AUSTIN, Texas — It has now been a week of no power for thousands of Austinites still in the dark. As restoration crews try to deal with every problem, some Austinites say they feel helpless.
"I'm not working right now. I'm literally, the minute I get up, I'm on the phone. I'm checking the neighborhood Facebook. I'm texting neighbor. I'm looking at the outage map," said Alyssa Onyx, who is on day seven of no power.
Onyx runs a beauty shop out of her home. She said this outage has taken a toll on her livelihood and her mental health.
"We've lost money, groceries. I've had bills to pay that I haven't been able to pay. I've lost work.

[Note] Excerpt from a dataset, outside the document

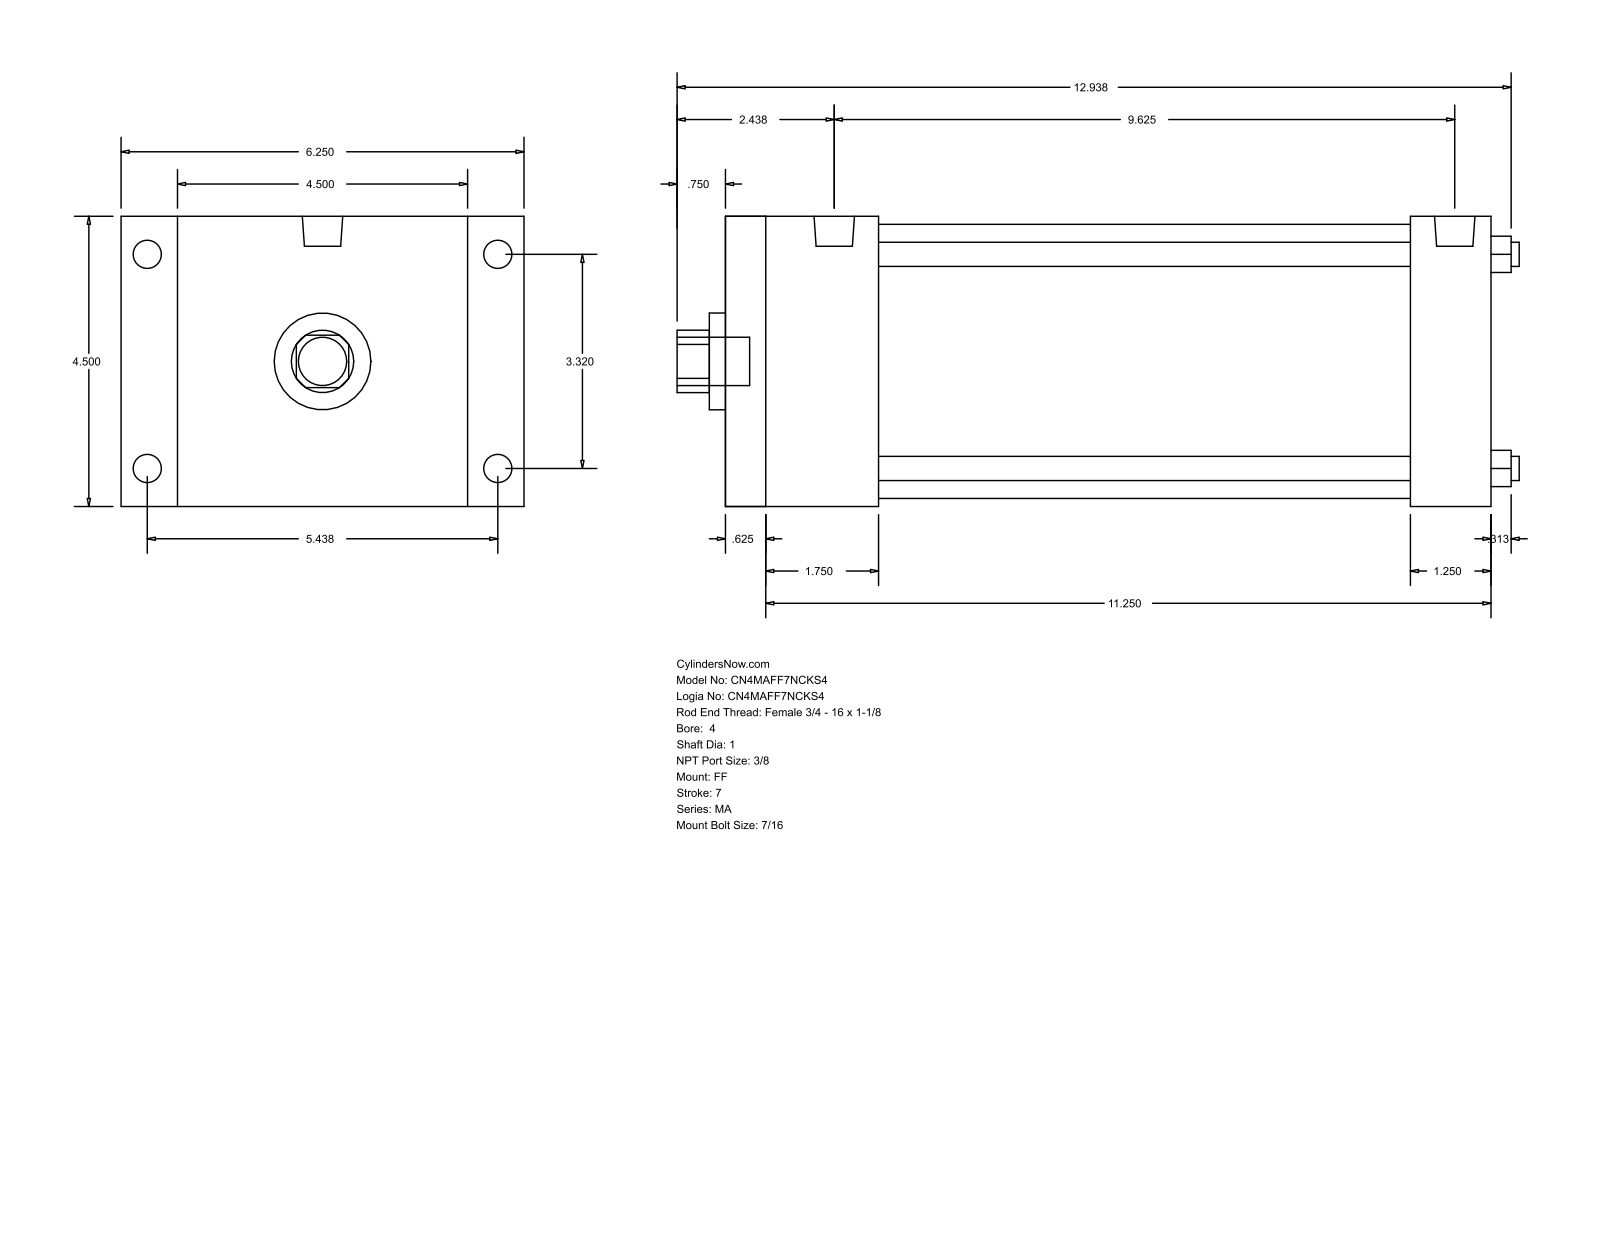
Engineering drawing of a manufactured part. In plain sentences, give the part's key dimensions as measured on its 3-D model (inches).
The part is named "MA_FF__0400_1". Its 3-D file was written by "GSSL Pune (CONFIG_CONTROL_DESIGN)". It is 0 solids with 92 faces: 64 planar, 28 cylindrical and 0 other. Overall it measures 13.063 by 6.25 by 4.5 inches. Round holes: 4 of diameter 0.375, 1 of diameter 1, 1 of diameter 1.5, 1 of diameter 4.25. Round bosses or shafts: 8 of diameter 0.437, 2 of diameter 0.627, 1 of diameter 0.75. Partial cylindrical surfaces (rounded edges, fillets, slot ends): 1 of radius 0.484. The main face-to-face distances are 4.5, 11.875, 0.625, 11.25, 0.875, 5.375, 10.625, 10, 1.25, 2.375. The hole center spacings are 2.347, 3.32, 4.695.

We're not being told anything – no communication, no information," Onyx said.
City of Austin officials gathered for an update on Tuesday evening.
Austin Energy General Manager Jackie Sargent said since Monday evening, more than 10,000 customers have had their power restored.
City Manager Spencer Cronk, already in the hot seat, apologized for shortcomings in the City's disaster response and promised changes moving forward.
"We'll talk about some of the policy changes that might be made in terms of how we would do vegetation management," Cronk said.
"We've got our candles, of course. But when night falls, I turn on these [portable] lights," Onyx said. "We just need – we need to know that we haven't truly been forgotten. We need crews in this area as soon as possible."
Sargent said on Tuesday that Austin Energy has cut back its crew size from what it initially responded with, but the company is still hopeful for a quick turnaround.
"We're going to have smaller crews that will then address those, because they're smaller outages, and that will just slow down the process and make it take more time," Sargent said.
But Onyx and others said they feel isolated.